**Provided material:**
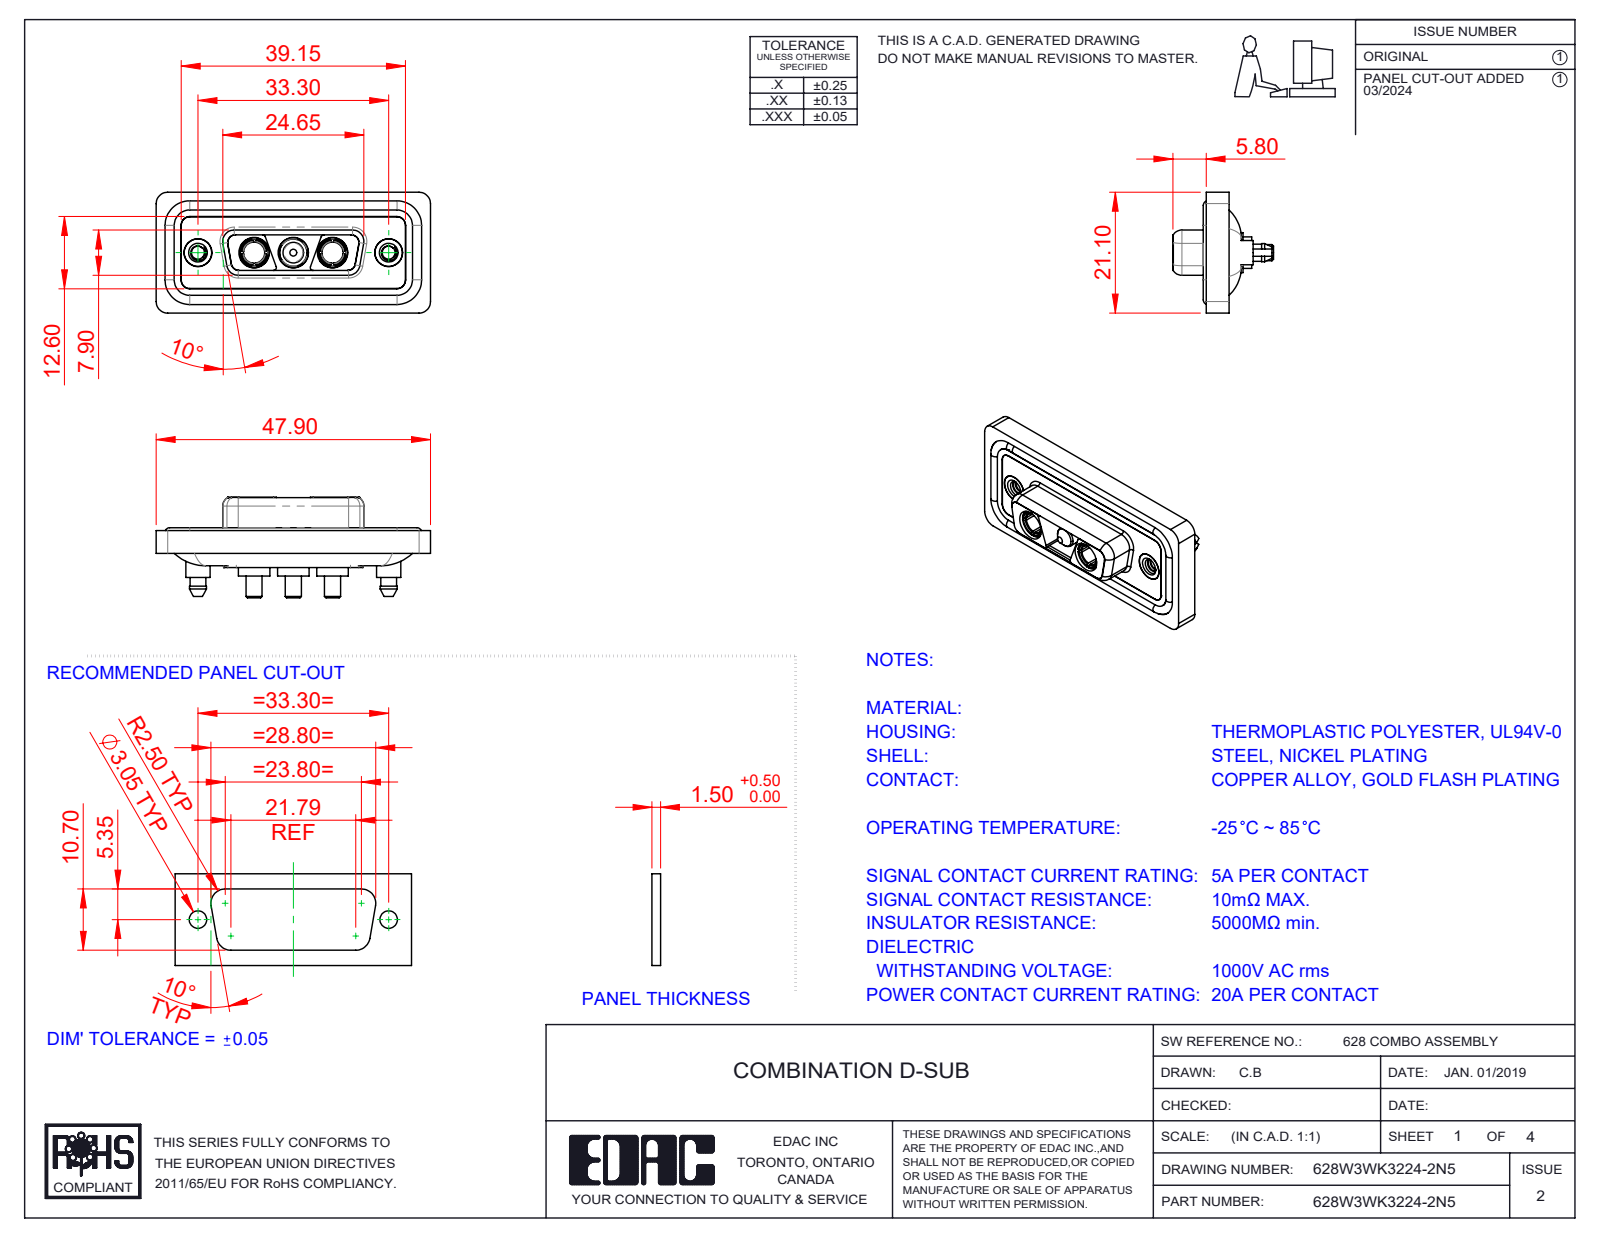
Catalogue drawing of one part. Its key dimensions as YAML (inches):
part_name: "Power Pin_20A S; 628Combo Shell Front_15 Contacts; Power Socket_20A S; 628Combo Housing_3WK3 (+4 more)"
step_written_by: "SolidWorks 2023 (CONFIG_CONTROL_DESIGN)"
units: inches
bodies: {solids: 13, faces: 633, planar: 194, cylindrical: 290, other: 149}
overall_size: [1.886, 0.831, 0.691]
volume: 0.367
surface_area: 15.25
round_holes:
  - {diameter: 0.191, count: 5}
  - {diameter: 0.209, count: 3}
  - {diameter: 0.089, count: 2}
  - {diameter: 0.146, count: 2}
  - {diameter: 0.157, count: 2}
  - {diameter: 0.159, count: 2}
  - {diameter: 0.197, count: 2}
round_bosses_or_shafts:
  - {diameter: 0.063, count: 4}
  - {diameter: 0.217, count: 3}
  - {diameter: 0.205, count: 3}
  - {diameter: 0.187, count: 3}
  - {diameter: 0.148, count: 3}
  - {diameter: 0.11, count: 3}
  - {diameter: 0.213, count: 2}
  - {diameter: 0.195, count: 2}
partial_cylinders:
  - {radius: 0.059, count: 24}
  - {radius: 0.079, count: 20}
  - {radius: 0.053, count: 12}
  - {radius: 0.063, count: 10}
  - {radius: 0.02, count: 8}
  - {radius: 0.01, count: 4}
  - {radius: 0.024, count: 4}
  - {radius: 0.026, count: 4}
face_to_face_distances: [0.016, 0.063, 0.071, 0.02, 0.043, 0.114, 0.222, 0.278, 0.059, 0.211]
hole_center_spacings: [0.27, 0.386, 0.656, 0.925, 0.539, 1.311]

**Your objective:**
The records above should be reproduced exactly, with the pictures omitted.

**Exercise answer:**
Catalogue drawing of one part. Its key dimensions as YAML (inches):
part_name: "Power Pin_20A S; 628Combo Shell Front_15 Contacts; Power Socket_20A S; 628Combo Housing_3WK3 (+4 more)"
step_written_by: "SolidWorks 2023 (CONFIG_CONTROL_DESIGN)"
units: inches
bodies: {solids: 13, faces: 633, planar: 194, cylindrical: 290, other: 149}
overall_size: [1.886, 0.831, 0.691]
volume: 0.367
surface_area: 15.25
round_holes:
  - {diameter: 0.191, count: 5}
  - {diameter: 0.209, count: 3}
  - {diameter: 0.089, count: 2}
  - {diameter: 0.146, count: 2}
  - {diameter: 0.157, count: 2}
  - {diameter: 0.159, count: 2}
  - {diameter: 0.197, count: 2}
round_bosses_or_shafts:
  - {diameter: 0.063, count: 4}
  - {diameter: 0.217, count: 3}
  - {diameter: 0.205, count: 3}
  - {diameter: 0.187, count: 3}
  - {diameter: 0.148, count: 3}
  - {diameter: 0.11, count: 3}
  - {diameter: 0.213, count: 2}
  - {diameter: 0.195, count: 2}
partial_cylinders:
  - {radius: 0.059, count: 24}
  - {radius: 0.079, count: 20}
  - {radius: 0.053, count: 12}
  - {radius: 0.063, count: 10}
  - {radius: 0.02, count: 8}
  - {radius: 0.01, count: 4}
  - {radius: 0.024, count: 4}
  - {radius: 0.026, count: 4}
face_to_face_distances: [0.016, 0.063, 0.071, 0.02, 0.043, 0.114, 0.222, 0.278, 0.059, 0.211]
hole_center_spacings: [0.27, 0.386, 0.656, 0.925, 0.539, 1.311]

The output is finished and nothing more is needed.